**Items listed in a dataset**
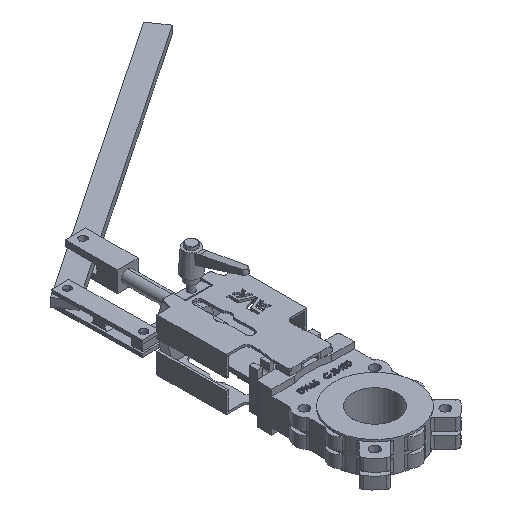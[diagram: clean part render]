
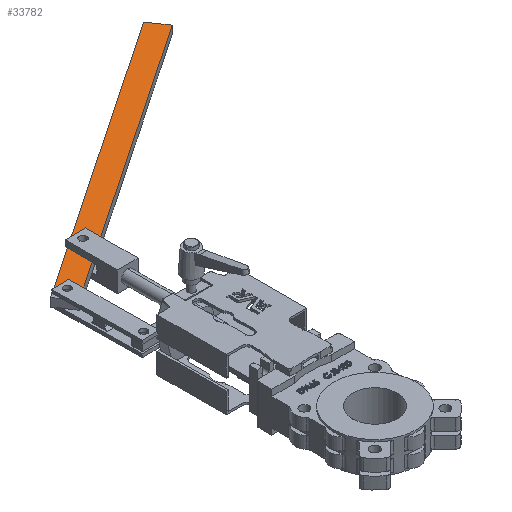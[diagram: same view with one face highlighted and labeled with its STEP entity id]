
A CAD part, isometric view. The second image highlights one B-rep face of the part: STEP entity #33782.
In plain terms, the highlighted planar face has unit normal (0, 0, 1).
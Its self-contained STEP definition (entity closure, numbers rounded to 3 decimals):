
#970 = EDGE_LOOP ( 'NONE', ( #6077, #16353 ) ) ;
#2796 = ORIENTED_EDGE ( 'NONE', *, *, #17027, .T. ) ;
#3422 = EDGE_CURVE ( 'NONE', #25966, #5893, #20023, .T. ) ;
#3563 = VERTEX_POINT ( 'NONE', #4923 ) ;
#4019 = CARTESIAN_POINT ( 'NONE',  ( 0., 0., 10.5 ) ) ;
#4923 = CARTESIAN_POINT ( 'NONE',  ( -5.25, 424.5, 10.5 ) ) ;
#5067 = LINE ( 'NONE', #27361, #22491 ) ;
#5401 = CARTESIAN_POINT ( 'NONE',  ( 5.25, 424.5, 10.5 ) ) ;
#5543 = FACE_OUTER_BOUND ( 'NONE', #12049, .T. ) ;
#5660 = LINE ( 'NONE', #11195, #30718 ) ;
#5893 = VERTEX_POINT ( 'NONE', #24242 ) ;
#6077 = ORIENTED_EDGE ( 'NONE', *, *, #9508, .T. ) ;
#7364 = VERTEX_POINT ( 'NONE', #32633 ) ;
#8212 = CARTESIAN_POINT ( 'NONE',  ( 342.137, 637.041, 10.5 ) ) ;
#9448 = DIRECTION ( 'NONE',  ( 0., 0., -1. ) ) ;
#9491 = CARTESIAN_POINT ( 'NONE',  ( -89.231, 382.44, 10.5 ) ) ;
#9508 = EDGE_CURVE ( 'NONE', #17716, #3563, #20662, .T. ) ;
#9742 = DIRECTION ( 'NONE',  ( 0.829, 0.559, 0. ) ) ;
#11195 = CARTESIAN_POINT ( 'NONE',  ( 342.137, 637.041, 10.5 ) ) ;
#11730 = VERTEX_POINT ( 'NONE', #8212 ) ;
#11791 = CARTESIAN_POINT ( 'NONE',  ( 325.368, 661.917, 10.5 ) ) ;
#12049 = EDGE_LOOP ( 'NONE', ( #34263, #2796, #29316, #19262, #30297 ) ) ;
#12208 = CARTESIAN_POINT ( 'NONE',  ( 0., 424.5, 10.5 ) ) ;
#12363 = DIRECTION ( 'NONE',  ( 0., 0., -1. ) ) ;
#13132 = DIRECTION ( 'NONE',  ( 0., 0., -1. ) ) ;
#13331 = VECTOR ( 'NONE', #35953, 1000. ) ;
#14668 = EDGE_CURVE ( 'NONE', #11730, #7364, #5660, .T. ) ;
#16332 = VECTOR ( 'NONE', #9742, 1000. ) ;
#16353 = ORIENTED_EDGE ( 'NONE', *, *, #19195, .T. ) ;
#16375 = DIRECTION ( 'NONE',  ( 1., 0., 0. ) ) ;
#16921 = VECTOR ( 'NONE', #29251, 1000. ) ;
#17027 = EDGE_CURVE ( 'NONE', #25966, #7364, #5067, .T. ) ;
#17716 = VERTEX_POINT ( 'NONE', #5401 ) ;
#18423 = DIRECTION ( 'NONE',  ( 1., 0., 0. ) ) ;
#18455 = DIRECTION ( 'NONE',  ( -1., 0., 0. ) ) ;
#18456 = FACE_BOUND ( 'NONE', #970, .T. ) ;
#19195 = EDGE_CURVE ( 'NONE', #3563, #17716, #21891, .T. ) ;
#19262 = ORIENTED_EDGE ( 'NONE', *, *, #20707, .F. ) ;
#20023 = LINE ( 'NONE', #24402, #13331 ) ;
#20338 = LINE ( 'NONE', #9491, #16332 ) ;
#20347 = PLANE ( 'NONE',  #29881 ) ;
#20662 = CIRCLE ( 'NONE', #21621, 5.25 ) ;
#20707 = EDGE_CURVE ( 'NONE', #21068, #11730, #21454, .T. ) ;
#21068 = VERTEX_POINT ( 'NONE', #11791 ) ;
#21454 = LINE ( 'NONE', #23840, #16921 ) ;
#21621 = AXIS2_PLACEMENT_3D ( 'NONE', #24787, #13132, #16375 ) ;
#21891 = CIRCLE ( 'NONE', #36943, 5.25 ) ;
#22491 = VECTOR ( 'NONE', #25214, 1000. ) ;
#23840 = CARTESIAN_POINT ( 'NONE',  ( 325.368, 661.917, 10.5 ) ) ;
#24242 = CARTESIAN_POINT ( 'NONE',  ( -82.724, 386.826, 10.5 ) ) ;
#24402 = CARTESIAN_POINT ( 'NONE',  ( -83.114, 386.821, 10.5 ) ) ;
#24787 = CARTESIAN_POINT ( 'NONE',  ( 0., 424.5, 10.5 ) ) ;
#25214 = DIRECTION ( 'NONE',  ( 0.013, -1., 0. ) ) ;
#25966 = VERTEX_POINT ( 'NONE', #32117 ) ;
#26536 = EDGE_CURVE ( 'NONE', #5893, #21068, #20338, .T. ) ;
#27361 = CARTESIAN_POINT ( 'NONE',  ( -58.117, 387.157, 10.5 ) ) ;
#28222 = DIRECTION ( 'NONE',  ( -0.829, -0.559, 0. ) ) ;
#29251 = DIRECTION ( 'NONE',  ( 0.559, -0.829, 0. ) ) ;
#29316 = ORIENTED_EDGE ( 'NONE', *, *, #14668, .F. ) ;
#29881 = AXIS2_PLACEMENT_3D ( 'NONE', #4019, #12363, #18455 ) ;
#30297 = ORIENTED_EDGE ( 'NONE', *, *, #26536, .F. ) ;
#30718 = VECTOR ( 'NONE', #28222, 1000. ) ;
#32117 = CARTESIAN_POINT ( 'NONE',  ( -58.117, 387.157, 10.5 ) ) ;
#32633 = CARTESIAN_POINT ( 'NONE',  ( -57.851, 367.414, 10.5 ) ) ;
#33782 = ADVANCED_FACE ( 'NONE', ( #18456, #5543 ), #20347, .F. ) ;
#34263 = ORIENTED_EDGE ( 'NONE', *, *, #3422, .F. ) ;
#35953 = DIRECTION ( 'NONE',  ( -1., -0.013, 0. ) ) ;
#36943 = AXIS2_PLACEMENT_3D ( 'NONE', #12208, #9448, #18423 ) ;
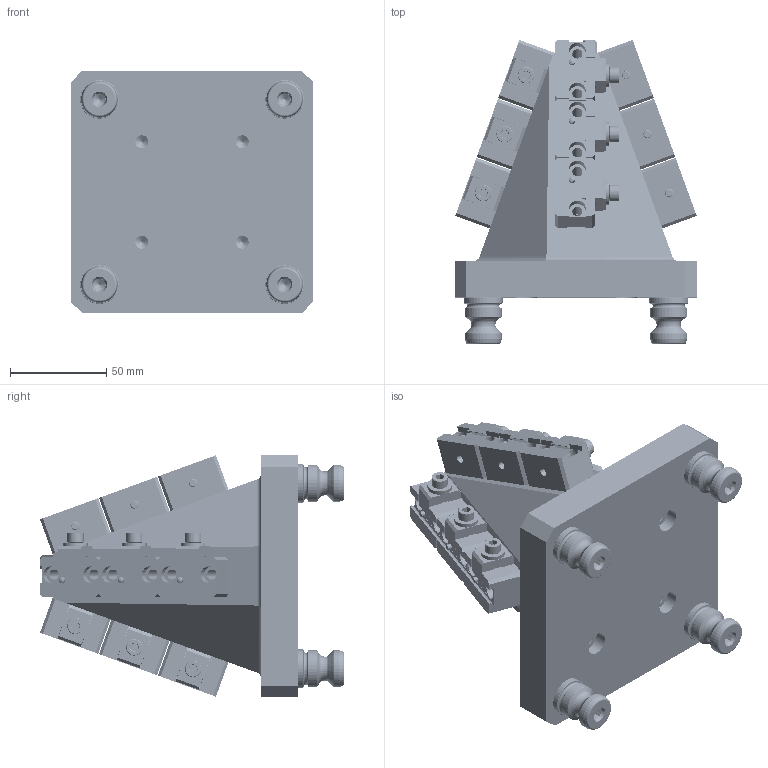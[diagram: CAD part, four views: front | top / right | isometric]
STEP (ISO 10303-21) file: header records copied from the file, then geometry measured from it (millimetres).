
FILE_DESCRIPTION (( 'STEP AP214' ), '1' );
FILE_NAME ('R96-P12DM12.STEP', '2019-05-12T20:01:28', ( '' ), ( '' ), 'SwSTEP 2.0', 'SolidWorks 2018', '' );
FILE_SCHEMA (( 'AUTOMOTIVE_DESIGN' ));
Length unit declared in the file: millimetre
Products named in the file (12): PS20F; 39874.CPSS_91390A162; PS20F-1_HARD TURN; DM12; 76124_91290A242; 91595A108_METRIC ALLOY STEEL DOWEL PIN_91595A108; 91595A100_METRIC ALLOY STEEL DOWEL PIN_91595A100; HW.0203X0500.FW_DEFAULT; CLW10M_CLW10; DM12-1_D051251WM; P12DM12; R96-P12DM12
Assembly tree (26 placements, depth 3):
  R96-P12DM12
    P12DM12
    DM12  x12
      DM12-1_D051251WM
      CLW10M_CLW10
      HW.0203X0500.FW_DEFAULT
      91595A100_METRIC ALLOY STEEL DOWEL PIN_91595A100
      91595A108_METRIC ALLOY STEEL DOWEL PIN_91595A108
      76124_91290A242
    PS20F  x4
      PS20F-1_HARD TURN
      39874.CPSS_91390A162
Bounding box: 125.73 x 157.5 x 125.73 mm (x, y, z)
Volume: 836144 mm3; surface area: 174951.2 mm2
Topology: 93 solids, 93 shells, 6612 faces, 17278 edges, 11272 vertices
Faces by surface type: plane 2824, cylinder 2282, bspline 780, cone 478, sphere 144, torus 104
Entity records: 40678 total; most frequent: CARTESIAN_POINT 13273, ORIENTED_EDGE 5138, DIRECTION 4949, EDGE_CURVE 2569, AXIS2_PLACEMENT_3D 1841, VERTEX_POINT 1670, LINE 1267, VECTOR 1267
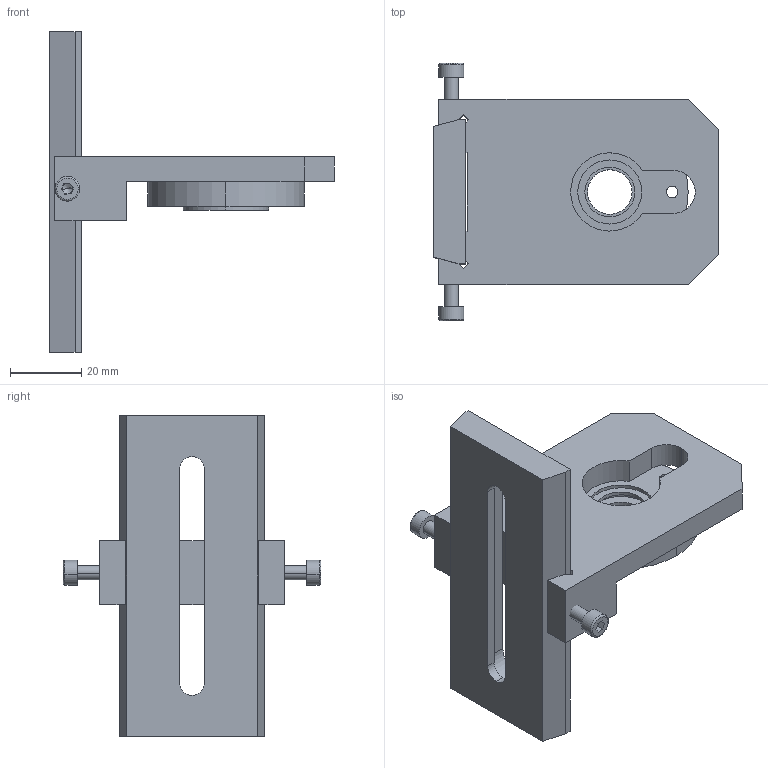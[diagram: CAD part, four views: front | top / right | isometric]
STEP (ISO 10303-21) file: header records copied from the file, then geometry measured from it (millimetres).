
FILE_DESCRIPTION (( 'STEP AP203' ), '1' );
FILE_NAME ('7MML620棠俶芵噩殤.STEP', '2019-12-04T05:19:21', ( '' ), ( '' ), 'SwSTEP 2.0', 'SolidWorks 2018', '' );
FILE_SCHEMA (( 'CONFIG_CONTROL_DESIGN' ));
Length unit declared in the file: millimetre
Products named in the file (1): 7MML620棠俶芵噩殤
Bounding box: 80 x 72.4 x 90 mm (x, y, z)
Volume: 64207.2 mm3; surface area: 27555.4 mm2
Topology: 7 solids, 7 shells, 158 faces, 379 edges, 234 vertices
Faces by surface type: plane 79, cylinder 55, cone 20, torus 4
Entity records: 4566 total; most frequent: DIRECTION 811, CARTESIAN_POINT 768, ORIENTED_EDGE 726, EDGE_CURVE 363, AXIS2_PLACEMENT_3D 293, VERTEX_POINT 234, LINE 225, VECTOR 225

**Exercise details**
Beginning at the line with "#17716 = VERTEX_POINT ( 'NONE', #5401 ) ;" and ending at the line with "#20338 = LINE ( 'NONE', #9491, #16332 ) ;", reproduce each line of the data above exactly, and add no other lines.

**Written solution**
#17716 = VERTEX_POINT ( 'NONE', #5401 ) ;
#18423 = DIRECTION ( 'NONE',  ( 1., 0., 0. ) ) ;
#18455 = DIRECTION ( 'NONE',  ( -1., 0., 0. ) ) ;
#18456 = FACE_BOUND ( 'NONE', #970, .T. ) ;
#19195 = EDGE_CURVE ( 'NONE', #3563, #17716, #21891, .T. ) ;
#19262 = ORIENTED_EDGE ( 'NONE', *, *, #20707, .F. ) ;
#20023 = LINE ( 'NONE', #24402, #13331 ) ;
#20338 = LINE ( 'NONE', #9491, #16332 ) ;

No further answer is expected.